Work instructions>
Repeat verbatim, and only, the lines of the data below, beginning at the line that contains "line (-440.934, -218.594)" and stopping after the line that contains "line (30, -265)".

Data for analysis>
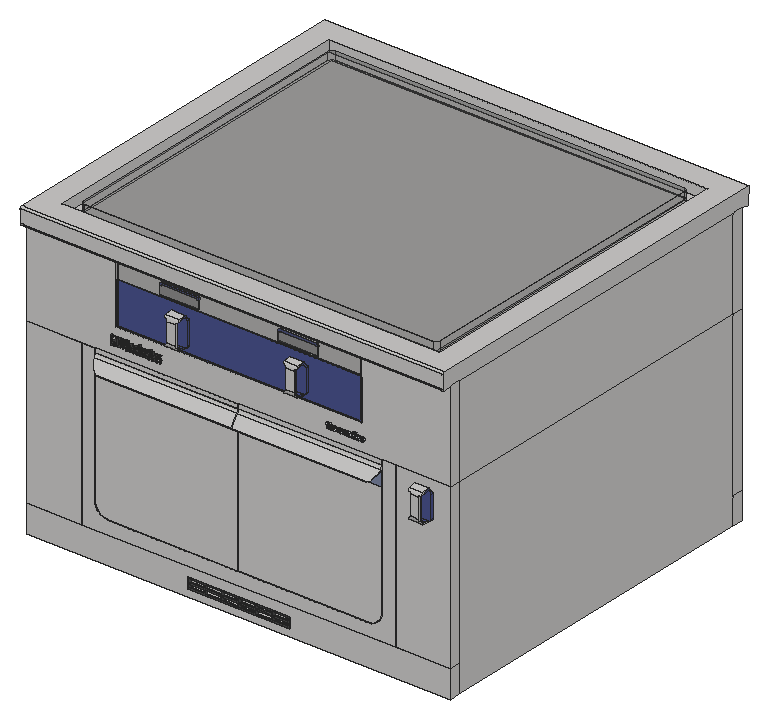
Revit family "QF_ELECTROLUXPROFESSIONAL_589673_MCIRECJ4AO", category Attrezzature speciali, Revit 2020
Family settings
  Quota connettore circolare = Usa diametro
  Tipo di parte = Normale
  Basato su piano di lavoro = No
  Sempre verticale = Sì
  Taglio con vuoti quando caricato = No
  Condiviso = No
  Punto di calcolo locali = No
Parameters (values of type "Standard")
  Weight = 136.00 kg
  Watts = 22000 W
  Volts = 400 V
  URL Manufacturer = "https://www.electroluxprofessional.com/"
  URL = "https://www.electroluxprofessional.com/"
  Steam Supply Size = 0"
  Steam Supply Minimum Pressure = 0.00 psi
  Steam Supply Maximum Pressure = 0.00 psi
  Steam Consumption per Hour = 0
  Refrigeration Suction Line Size = 0 mm
  Refrigeration Liquid Line Size = 0 mm
  Refrigerant Compressor Remote = yes
  Prospetto di default = 0 mm
  Phase = 3
  Modello = "MCIRECJ4AO"
  Produttore = "Electrolux Professional"
  Length Actual = 1000 mm  # constant formula
  Item Number = "589673"
  Hot Water Size = 0"
  Height Actual = 700 mm  # constant formula
  HP = "29.5 HP"
  Gas Size = 0"
  Gas KW = 0
  Gas Input Pressure = 0.0 Btu/h
  Direct Waste Size = 0"
  Descrizione = "INDUCTION,4Z,WARM CAB PASS,2S,1000X900X7"
  Depth Actual = 900 mm  # constant formula
  Cycle = 50 Hz
  Condensate Return Size = 0"
  Compressed Air Volume = 0 GPM
  Compressed Air Size = 0"
  Compressed Air Pressure = 0.00 psi
  Cold Water Size = 0"
  Accessory = yes
Reference planes
  plane 1 "BACK": y = 0
  plane 2: z = 0
  plane 3 "LEFT": x = -100
  plane 4 "RIGHT": x = 900
  plane 5 "FRONT": y = -900
  plane 6 "TOP": z = 900
  plane 7 "Center (Left/Right)": x = 400
  plane 8: y = -450
  plane 9: z = 200
  plane 10: y = -150
  plane 11 "Panel": y = -855
  plane 12: z = 798
  plane 13: z = 1327
  plane 14: x = -22
  plane 15: x = 822
  plane 16: y = -150
  plane 17: y = -650
  plane 18 "EIx": x = 855
  plane 19 "EIy": y = -685
  plane 20: y = -880
  plane 21: z = 938
  plane 22: x = 835
Forms (mm)
  Extrusion 1, solid, material "QF_Finishes_Stainless Steel"
    sketch origin (-178.969, -4572, 200) x (-1, 0, 0) y (0, -1, 0)
      loop
        line (-78.969, -4527) -> (-78.969, -3717) -> (-1078.969, -3717) -> (-1078.969, -4527) -> (-78.969, -4527)
    from 450 to 663
  Extrusion 2, solid, material "QF_Finishes_Stainless Steel"
    sketch origin (-100, 0, 0) x (0, 1, 0) y (0, 0, 1)
      loop
        line (-855, 200) -> (-855, 265) -> (-880, 265) -> (-880, 200) -> (-855, 200)
    from 0 to 1000
  Extrusion 3, solid, material "QF_Finishes_Stainless Steel"
    sketch origin (-488.969, -4662, 200) x (-1, 0, 0) y (0, -1, 0)
      loop
        circle (-1343.969, -3977) r 6.35
    from 0 to -11.851
  Extrusion 4, solid, material "QF_Finishes_Stainless Steel"
    sketch origin (400, 296.4, 1219.2) x (0, 1, 0) y (0, 0, 1)
      loop
        line (-296.4, -319.2) -> (-1191.4, -319.2)
        arc (-1191.4, -319.2) -> (-1194.935, -320.664) -> (-1196.4, -324.2) r 5
        line (-1196.4, -324.2) -> (-1196.4, -355.2)
        arc (-1196.4, -355.2) -> (-1194.971, -358.264) -> (-1191.705, -359.139) r 4
        line (-1191.705, -359.139) -> (-1176.4, -356.231) -> (-316.4, -356.231) -> (-301.094, -359.139)
        arc (-301.094, -359.139) -> (-297.829, -358.264) -> (-296.4, -355.2) r 4
        line (-296.4, -355.2) -> (-296.4, -319.2)
    from -500 to 500
  Extrusion 5, solid, material "QF_Finishes_Electrolux_Black Smoke Iluminated"
    sketch origin (0, 0, 900) x (-1, 0, 0) y (0, -1, 0)
      loop
        arc (12, 79) -> (19.071, 81.929) -> (22, 89) r 10
        line (22, 89) -> (22, 810)
        arc (22, 810) -> (19.071, 817.071) -> (12, 820) r 10
        line (12, 820) -> (-812, 820)
        arc (-812, 820) -> (-819.071, 817.071) -> (-822, 810) r 10
        line (-822, 810) -> (-822, 89)
        arc (-822, 89) -> (-819.071, 81.929) -> (-812, 79) r 10
        line (-812, 79) -> (12, 79)
    from 0 to -20
  Extrusion 6, solid, material "QF_Finishes_Stainless Steel"
    sketch origin (-178.969, -4572, 200) x (-1, 0, 0) y (0, -1, 0)
      loop
        line (-78.969, -4527) -> (-78.969, -3717) -> (-1078.969, -3717) -> (-1078.969, -4527) -> (-78.969, -4527)
    from 450 to 0
  Extrusion 7, void
    sketch origin (0, -855, 0) x (-1, 0, 0) y (0, 0, 1)
      loop
        line (-520, 216.594) -> (-280, 216.594) -> (-280, 241.594) -> (-520, 241.594) -> (-520, 216.594)
    from 0 to -25
  Extrusion 8, solid, material "QF_Finishes_Black"
    sketch origin (0, -855, 0) x (-1, 0, 0) y (0, 0, 1)
      loop
        line (-280, 241.594) -> (-520, 241.594) -> (-520, 216.594) -> (-280, 216.594) -> (-280, 241.594)
      loop
        line (-282, 239.594) -> (-319.131, 239.594) -> (-319.131, 230.094) -> (-282, 230.094) -> (-282, 239.594)
      loop
        line (-282, 218.594) -> (-282, 228.094) -> (-319.131, 228.094) -> (-319.131, 218.594) -> (-282, 218.594)
      loop
        line (-321.131, 239.594) -> (-359.066, 239.594) -> (-359.066, 230.094) -> (-321.131, 230.094) -> (-321.131, 239.594)
      loop
        line (-399, 239.594) -> (-399, 230.094) -> (-361.066, 230.094) -> (-361.066, 239.594) -> (-399, 239.594)
      loop
        line (-401, 239.594) -> (-438.934, 239.594) -> (-438.934, 230.094) -> (-401, 230.094) -> (-401, 239.594)
      loop
        line (-359.066, 218.594) -> (-321.131, 218.594) -> (-321.131, 228.094) -> (-359.066, 228.094) -> (-359.066, 218.594)
      loop
        line (-361.066, 218.594) -> (-361.066, 228.094) -> (-399, 228.094) -> (-399, 218.594) -> (-361.066, 218.594)
      loop
        line (-401, 228.094) -> (-438.934, 228.094) -> (-438.934, 218.594) -> (-401, 218.594) -> (-401, 228.094)
      loop
        line (-518, 239.594) -> (-518, 230.094) -> (-480.869, 230.094) -> (-480.869, 239.594) -> (-518, 239.594)
      loop
        line (-518, 218.594) -> (-480.869, 218.594) -> (-480.869, 228.094) -> (-518, 228.094) -> (-518, 218.594)
      loop
        line (-478.869, 239.594) -> (-478.869, 230.094) -> (-440.934, 230.094) -> (-440.934, 239.594) -> (-478.869, 239.594)
      loop
        line (-440.934, 218.594) -> (-440.934, 228.094) -> (-478.869, 228.094) -> (-478.869, 218.594) -> (-440.934, 218.594)
    from -20 to -25
  Extrusion 9, void
    sketch origin (0, 0, 900) x (-1, 0, 0) y (0, -1, 0)
      loop
        line (47, 845) -> (-847, 845) -> (-847, 54) -> (47, 54) -> (47, 845)
    from 0 to -25
  Extrusion 10, solid, material "QF_Finishes_Stainless Steel"
    sketch origin (0, 0, 900) x (-1, 0, 0) y (0, -1, 0)
      loop
        line (18, 83) -> (18, 816) -> (-818, 816) -> (-818, 83) -> (18, 83)
    from -20 to -25
  Extrusion 11, solid, material "QF_Finishes_Stainless Steel"
    sketch origin (0, -900, 0) x (1, 0, 0) y (0, 0, 1)
      loop
        line (-100, 650) -> (-100, 265) -> (30, 265) -> (30, 650) -> (-100, 650)
      loop
        line (900, 650) -> (770, 650) -> (770, 265) -> (900, 265) -> (900, 650)
    from -45 to -20
  Extrusion 12, solid, material "QF_Finishes_Stainless Steel"
    sketch origin (0, -900, 0) x (1, 0, 0) y (0, 0, 1)
      loop
        line (30, 265) -> (770, 265) -> (770, 650) -> (740, 650) -> (740, 327)
        arc (740, 327) -> (730.627, 304.373) -> (708, 295) r 32
        line (708, 295) -> (92, 295)
        arc (92, 295) -> (69.373, 304.373) -> (60, 327) r 32
        line (60, 327) -> (60, 650) -> (30, 650) -> (30, 265)
    from -45 to -20
  Extrusion 13, solid, material "QF_Finishes_Stainless Steel"
    sketch origin (0, 0, 0) x (1, 0, 0) y (0, 0, -1)
      loop
        line (-100, -650) -> (30, -650) -> (30, -265) -> (-100, -265) -> (-100, -650)
      loop
        line (900, -650) -> (900, -265) -> (770, -265) -> (770, -650) -> (900, -650)
    from -45 to -20
  Extrusion 14, solid, material "QF_Finishes_Stainless Steel"
    sketch origin (-100, -900, 0) x (0, -1, 0) y (0, 0, -1)
      loop
        line (-855, -200) -> (-880, -200) -> (-880, -265) -> (-855, -265) -> (-855, -200)
    from 0 to 1000
  Extrusion 15, void
    sketch origin (0, -45, 0) x (-1, 0, 0) y (0, 0, -1)
      loop
        line (-520, -216.594) -> (-520, -241.594) -> (-280, -241.594) -> (-280, -216.594) -> (-520, -216.594)
    from 0 to -25
  Extrusion 16, solid, material "QF_Finishes_Black"
    sketch origin (0, -45, 0) x (-1, 0, 0) y (0, 0, -1)
      loop
        line (-280, -241.594) -> (-280, -216.594) -> (-520, -216.594) -> (-520, -241.594) -> (-280, -241.594)
      loop
        line (-282, -239.594) -> (-282, -230.094) -> (-319.131, -230.094) -> (-319.131, -239.594) -> (-282, -239.594)
      loop
        line (-282, -218.594) -> (-319.131, -218.594) -> (-319.131, -228.094) -> (-282, -228.094) -> (-282, -218.594)
      loop
        line (-321.131, -239.594) -> (-321.131, -230.094) -> (-359.066, -230.094) -> (-359.066, -239.594) -> (-321.131, -239.594)
      loop
        line (-399, -239.594) -> (-361.066, -239.594) -> (-361.066, -230.094) -> (-399, -230.094) -> (-399, -239.594)
      loop
        line (-401, -239.594) -> (-401, -230.094) -> (-438.934, -230.094) -> (-438.934, -239.594) -> (-401, -239.594)
      loop
        line (-359.066, -218.594) -> (-359.066, -228.094) -> (-321.131, -228.094) -> (-321.131, -218.594) -> (-359.066, -218.594)
      loop
        line (-361.066, -218.594) -> (-399, -218.594) -> (-399, -228.094) -> (-361.066, -228.094) -> (-361.066, -218.594)
      loop
        line (-401, -228.094) -> (-401, -218.594) -> (-438.934, -218.594) -> (-438.934, -228.094) -> (-401, -228.094)
      loop
        line (-518, -239.594) -> (-480.869, -239.594) -> (-480.869, -230.094) -> (-518, -230.094) -> (-518, -239.594)
      loop
        line (-518, -218.594) -> (-518, -228.094) -> (-480.869, -228.094) -> (-480.869, -218.594) -> (-518, -218.594)
      loop
        line (-478.869, -239.594) -> (-440.934, -239.594) -> (-440.934, -230.094) -> (-478.869, -230.094) -> (-478.869, -239.594)
      loop
        line (-440.934, -218.594) -> (-478.869, -218.594) -> (-478.869, -228.094) -> (-440.934, -228.094) -> (-440.934, -218.594)
    from -20 to -25
  Extrusion 17, void
    sketch origin (0, -855, 0) x (-1, 0, 0) y (0, 0, 1)
      loop
        line (-520, 216.594) -> (-280, 216.594) -> (-280, 241.594) -> (-520, 241.594) -> (-520, 216.594)
    from 0 to -25
  Extrusion 18, solid, material "QF_Finishes_Stainless Steel"
    sketch origin (0, 0, 0) x (1, 0, 0) y (0, 0, -1)
      loop
        line (30, -265) -> (30, -650) -> (60, -650) -> (60, -327)
        arc (60, -327) -> (69.373, -304.373) -> (92, -295) r 32
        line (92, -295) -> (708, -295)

Response to this task>
        line (-440.934, -218.594) -> (-478.869, -218.594) -> (-478.869, -228.094) -> (-440.934, -228.094) -> (-440.934, -218.594)
    from -20 to -25
  Extrusion 17, void
    sketch origin (0, -855, 0) x (-1, 0, 0) y (0, 0, 1)
      loop
        line (-520, 216.594) -> (-280, 216.594) -> (-280, 241.594) -> (-520, 241.594) -> (-520, 216.594)
    from 0 to -25
  Extrusion 18, solid, material "QF_Finishes_Stainless Steel"
    sketch origin (0, 0, 0) x (1, 0, 0) y (0, 0, -1)
      loop
        line (30, -265) -> (30, -650) -> (60, -650) -> (60, -327)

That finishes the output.